→ Task instructions: Reproduce the section of the listing that begins at the line containing "(-12.4493, -3.5388)], flags=0)" and finishes at the line containing "(-11.0773, 5.0404)], flags=0)". Include both end lines and nothing beyond them.

→ Records shown:
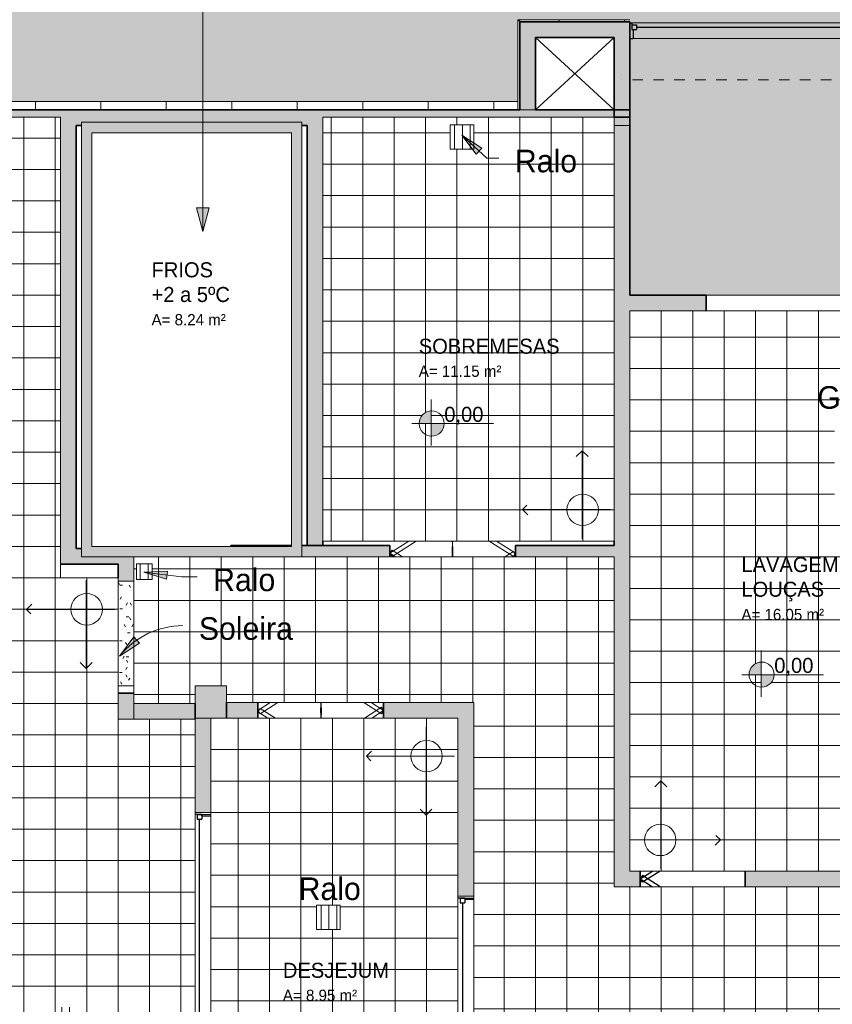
# Model space of a CAD drawing. Header units: metres. Extents: x -29 to 48, y -24 to 81.
# Tile 9 of 26: x -25 to -17, y -4 to 6. Entities that reach past the tile are written whole.
import ezdxf

# ---------------------------------------------------------------- set-up
doc = ezdxf.new("R2010")
doc.units = ezdxf.units.M
doc.linetypes.add('Projeção', pattern=[0.003969, 0.002381, -0.001587])
for name, color, linetype, lineweight in [('A-AREA-IDEN', 2, 'Continuous', 9), ('A-DETL', 90, 'Continuous', 18), ('A-DETL-GENF', 92, 'Continuous', 18), ('A-DETL-MBND', 5, 'Continuous', 18), ('A-DETL-THIN', 151, 'Continuous', 18), ('A-DOOR', 31, 'Continuous', 18), ('A-FLOR-OVHD', 1, 'Projeção', 18), ('A-FLOR-PATT', 8, 'Continuous', 18), ('A-GLAZ', 151, 'Continuous', 18), ('A-WALL', 113, 'Continuous', 18), ('A-WALL-PATT', 111, 'Continuous', 35), ('G-ANNO-TEXT', 231, 'Continuous', 9)]:
    doc.layers.add(name, color=color, linetype=linetype, lineweight=lineweight)
doc.styles.add('Century Gothic', font='GOTHIC.TTF', dxfattribs={"height": 0.107783})
doc.styles.add('Century Gothic_1', font='GOTHIC.TTF', dxfattribs={"height": 0.143711})
doc.styles.add('Century Gothic_2', font='GOTHIC.TTF', dxfattribs={"height": 0.215567})
doc.styles.add('Century Gothic_B', font='txt', dxfattribs={"height": 0.143612})

# ---------------------------------------------------------------- blocks, each defined once
blk = doc.blocks.new('Casement w Mullions-Number_0002 - _JANELA 2-2379083-PAGINAÇÃO DE PISO _Compreende trechos 2 e 3_')
at = {"layer": 'A-GLAZ'}
for p, q in [((-1, -0.075), (-1, 0.075)), ((-0.98095, 0.075), (-0.98095, -0.075)), ((-0.98095, -0.075), (-0.98095, 0.075)), ((0.98095, -0.075), (0.98095, 0.075)), ((0.98095, 0.075), (0.98095, -0.075)), ((1, 0.075), (1, -0.075))]:
    blk.add_line(p, q, dxfattribs=at)
at = {"layer": 'A-GLAZ', "lineweight": 25}
for p, q in [((-0.96825, 0.075), (-0.96825, -0.01055)), ((0.96825, -0.01055), (0.96825, 0.075)), ((-0.98095, -0.01055), (-0.9365, -0.01055)), ((-0.98095, -0.055), (-0.98095, -0.01055)), ((-0.98095, -0.01055), (-0.96825, -0.01055)), ((-0.98095, -0.01055), (-0.98095, -0.075)), ((-0.98095, -0.055), (-0.9365, -0.055)), ((-0.9365, -0.055), (-0.9365, -0.01055)), ((-0.9365, -0.032775), (0.9365, -0.032775)), ((0.9365, -0.055), (0.9365, -0.01055)), ((0.98095, -0.01055), (0.9365, -0.01055)), ((0.98095, -0.055), (0.9365, -0.055)), ((0.96825, -0.01055), (0.98095, -0.01055)), ((0.98095, -0.055), (0.98095, -0.01055)), ((0.98095, -0.01055), (0.98095, -0.075))]:
    blk.add_line(p, q, dxfattribs=at)
blk = doc.blocks.new('Casement w Mullions-Number_0002 - _JANELA 2-2374376-PAGINAÇÃO DE PISO _Compreende trechos 2 e 3_')
at = {"layer": 'A-GLAZ'}
for p, q in [((-1, 0.075), (-1, -0.075)), ((-0.98095, -0.075), (-0.98095, 0.075)), ((-0.98095, 0.075), (-0.98095, -0.075)), ((0.98095, 0.075), (0.98095, -0.075)), ((0.98095, -0.075), (0.98095, 0.075)), ((1, -0.075), (1, 0.075))]:
    blk.add_line(p, q, dxfattribs=at)
at = {"layer": 'A-GLAZ', "lineweight": 25}
for p, q in [((-0.98095, 0.01055), (-0.98095, 0.075)), ((-0.98095, 0.055), (-0.98095, 0.01055)), ((-0.98095, 0.055), (-0.9365, 0.055)), ((-0.98095, 0.01055), (-0.9365, 0.01055)), ((-0.98095, 0.01055), (-0.96825, 0.01055)), ((-0.96825, -0.075), (-0.96825, 0.01055)), ((-0.9365, 0.055), (-0.9365, 0.01055)), ((-0.9365, 0.032775), (0.9365, 0.032775)), ((0.9365, 0.055), (0.9365, 0.01055)), ((0.98095, 0.055), (0.9365, 0.055)), ((0.98095, 0.01055), (0.9365, 0.01055)), ((0.96825, 0.01055), (0.98095, 0.01055)), ((0.96825, 0.01055), (0.96825, -0.075)), ((0.98095, 0.01055), (0.98095, 0.075)), ((0.98095, 0.055), (0.98095, 0.01055))]:
    blk.add_line(p, q, dxfattribs=at)
blk = doc.blocks.new('M_Bifold-2 Panel - 0915 x 2134mm-2540478-PAGINAÇÃO DE PISO _Compreende trechos 2 e 3_')
at = {"layer": 'A-DOOR', "color": 7}
for p, q in [((-0.6, 0), (-0.4863, 0.075)), ((-0.5796, 0.0322), (-0.6, 0)), ((-0.5796, -0.031), (-0.6, 0)), ((-0.6, 0), (-0.4818, -0.075)), ((-0.419, 0.075), (-0.5796, -0.031)), ((-0.4108, -0.075), (-0.5796, 0.0322)), ((0.4334, 0.075), (0.5796, -0.0179)), ((0.6001, 0.0143), (0.5045, 0.075)), ((0.5796, -0.0179), (0.6001, 0.0143))]:
    blk.add_line(p, q, dxfattribs=at)
at = {"layer": 'A-DOOR'}
for p, q in [((0.4107, -0.075), (0.5796, 0.0322)), ((0.6, 0), (0.4818, -0.075)), ((0.5796, 0.0322), (0.6, 0))]:
    blk.add_line(p, q, dxfattribs=at)
at = {"layer": 'A-DOOR', "color": 7}
for centre, radius, start, end in [((0.9165, 0.0014), 0.9227, 175.42026, 184.75627), ((-0.9165, 0.0014), 0.9179, 355.21965, 4.60293)]:
    blk.add_arc(centre, radius, start, end, dxfattribs=at)
blk = doc.blocks.new('M_Bifold-2 Panel - 0915 x 2134mm-V23-PAGINAÇÃO DE PISO _Compreende trechos 2 e 3_')
at = {"layer": 'A-DOOR', "color": 7}
for p, q in [((-0.6, 0), (-0.4189, 0.115)), ((-0.3478, 0.115), (-0.5796, -0.0322)), ((-0.5796, 0.031), (-0.6, 0)), ((-0.4796, -0.035), (-0.5796, 0.031)), ((0.4964, -0.035), (0.5796, 0.0179)), ((0.5796, 0.0179), (0.6001, -0.0143)), ((-0.6, 0), (-0.547, -0.035)), ((-0.5796, -0.0322), (-0.6, 0)), ((0.6001, -0.0143), (0.5675, -0.035))]:
    blk.add_line(p, q, dxfattribs=at)
at = {"layer": 'A-DOOR'}
for p, q in [((0.3478, 0.115), (0.5796, -0.0322)), ((0.6, 0), (0.4188, 0.115)), ((0.5796, -0.0322), (0.6, 0))]:
    blk.add_line(p, q, dxfattribs=at)
at = {"layer": 'A-DOOR', "color": 7}
for centre, radius, start, end in [((0.9165, -0.0014), 0.9227, 172.74712, 182.09014), ((-0.9165, -0.0014), 0.9179, 357.89928, 7.29305)]:
    blk.add_arc(centre, radius, start, end, dxfattribs=at)
blk = doc.blocks.new('M_Bifold-2 Panel - Cópia - 0915 x 2134mm-2556631-PAGINAÇÃO DE PISO _Compreende trechos 2 e 3_')
at = {"layer": 'A-DOOR', "lineweight": 25}
for p, q in [((0.3107, -0.075), (0.4796, 0.0322)), ((0.3109, 0.075), (0.4796, -0.0321)), ((0.5, 0), (0.3818, -0.075)), ((0.5, 0), (0.3819, 0.075)), ((0.4796, 0.0322), (0.5, 0)), ((0.4796, -0.0321), (0.5, 0))]:
    blk.add_line(p, q, dxfattribs=at)
blk = doc.blocks.new('M_Fixado - 260 x 200 mm-2644279-PAGINAÇÃO DE PISO _Compreende trechos 2 e 3_')
at = {"layer": 'A-GLAZ', "lineweight": 25}
for p, q in [((-1.3, 0.088), (-1.281, 0.088)), ((-1.281, 0.088), (-1.281, 0.025)), ((-1.281, 0.069), (-1.237, 0.069)), ((-1.281, 0.025), (-1.237, 0.025)), ((-1.268, 0.025), (-1.268, -0.062)), ((-1.237, 0.069), (-1.237, 0.025)), ((-1.237, 0.047), (1.237, 0.047)), ((1.237, 0.069), (1.237, 0.025)), ((1.281, 0.069), (1.237, 0.069)), ((1.237, 0.025), (1.281, 0.025)), ((1.268, 0.025), (1.268, -0.062)), ((1.281, 0.088), (1.281, 0.025)), ((1.2989, 0.088), (1.281, 0.088)), ((-1.3, -0.062), (-1.268, -0.062)), ((1.3, -0.062), (1.268, -0.062))]:
    blk.add_line(p, q, dxfattribs=at)

msp = doc.modelspace()

# ---------------------------------------------------------------- hatches: boundary and pattern name
at = {"layer": 'A-DETL-GENF'}
h = msp.add_hatch(color=254, dxfattribs=at)
h.paths.add_polyline_path([(-12.4493, -3.5388), (-12.3989, -3.5387), (-8.9222, 0.301), (-10.4419, 1.6769), (-9.2773, 2.9636), (-9.2773, 10.0754), (-19.2773, 10.0754), (-19.2773, 10.8354), (-20.2773, 10.8354), (-20.2773, 11.8354), (-19.2773, 11.8354), (-19.2773, 16.8354), (-20.2773, 16.8354), (-20.2773, 17.8354), (-19.2773, 17.8354), (-19.2773, 22.8354), (-20.2773, 22.8354), (-20.2773, 23.8354), (-19.2773, 23.8354), (-19.2773, 29.0654), (-28.3773, 29.0654), (-28.3773, 5.8554), (-28.0073, 5.8554), (-28.0073, 5.0754), (-20.2973, 5.0754), (-20.2973, 5.8554), (-19.2273, 5.8554), (-19.2273, 3.2253), (-16.0573, 3.2253), (-16.0573, -3.5388), (-12.4493, -3.5388)], flags=0)
h.paths.add_polyline_path([(-12.9671, -0.8893), (-15.2671, -0.8893), (-15.2671, 9.6057), (-12.9671, 9.6057), (-12.9671, -0.5724)], flags=0)
h.paths.add_polyline_path([(-11.5119, 5.0404), (-11.5873, 5.0404), (-11.5873, 5.5204), (-11.5479, 5.5204), (-11.5479, 5.5247), (-11.0679, 5.5247), (-11.0679, 5.0447), (-11.0773, 5.0447), (-11.0773, 5.0404)], flags=0)
h.paths.add_polyline_path([(-16.4273, 5.6753), (-16.6273, 5.6753), (-16.6273, 5.8253), (-16.4273, 5.8253), (-16.4273, 5.6888)], flags=0)
h.paths.add_polyline_path([(-19.4273, 10.9854), (-19.4273, 11.6854), (-20.1273, 11.6854), (-20.1273, 10.9854), (-19.7133, 10.9854)], flags=0)
h.paths.add_polyline_path([(-20.1273, 16.9854), (-19.4273, 16.9854), (-19.4273, 17.6854), (-20.1273, 17.6854), (-20.1273, 17.1354)], flags=0)
h.paths.add_polyline_path([(-19.4273, 22.9854), (-19.4273, 23.6854), (-20.1273, 23.6854), (-20.1273, 22.9854)], flags=0)
h = msp.add_hatch(dxfattribs=at)
h.set_pattern_fill('FP_9', color=8, style=0, pattern_type=2)
h.set_pattern_definition([(0, (0.188, 0.225), (0, 0.3), []), (90, (0.188, 0.225), (-0.3, 2e-17), [])])
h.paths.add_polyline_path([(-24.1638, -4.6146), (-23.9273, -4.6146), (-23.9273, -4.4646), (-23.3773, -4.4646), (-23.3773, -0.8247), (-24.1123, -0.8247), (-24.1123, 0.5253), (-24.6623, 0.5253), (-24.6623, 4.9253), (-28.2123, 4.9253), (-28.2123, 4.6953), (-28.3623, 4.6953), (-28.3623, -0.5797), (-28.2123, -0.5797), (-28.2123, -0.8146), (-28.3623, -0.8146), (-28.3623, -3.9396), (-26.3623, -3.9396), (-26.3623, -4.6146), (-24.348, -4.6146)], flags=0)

→ Response area:
h.paths.add_polyline_path([(-12.4493, -3.5388), (-12.3989, -3.5387), (-8.9222, 0.301), (-10.4419, 1.6769), (-9.2773, 2.9636), (-9.2773, 10.0754), (-19.2773, 10.0754), (-19.2773, 10.8354), (-20.2773, 10.8354), (-20.2773, 11.8354), (-19.2773, 11.8354), (-19.2773, 16.8354), (-20.2773, 16.8354), (-20.2773, 17.8354), (-19.2773, 17.8354), (-19.2773, 22.8354), (-20.2773, 22.8354), (-20.2773, 23.8354), (-19.2773, 23.8354), (-19.2773, 29.0654), (-28.3773, 29.0654), (-28.3773, 5.8554), (-28.0073, 5.8554), (-28.0073, 5.0754), (-20.2973, 5.0754), (-20.2973, 5.8554), (-19.2273, 5.8554), (-19.2273, 3.2253), (-16.0573, 3.2253), (-16.0573, -3.5388), (-12.4493, -3.5388)], flags=0)
h.paths.add_polyline_path([(-12.9671, -0.8893), (-15.2671, -0.8893), (-15.2671, 9.6057), (-12.9671, 9.6057), (-12.9671, -0.5724)], flags=0)
h.paths.add_polyline_path([(-11.5119, 5.0404), (-11.5873, 5.0404), (-11.5873, 5.5204), (-11.5479, 5.5204), (-11.5479, 5.5247), (-11.0679, 5.5247), (-11.0679, 5.0447), (-11.0773, 5.0447), (-11.0773, 5.0404)], flags=0)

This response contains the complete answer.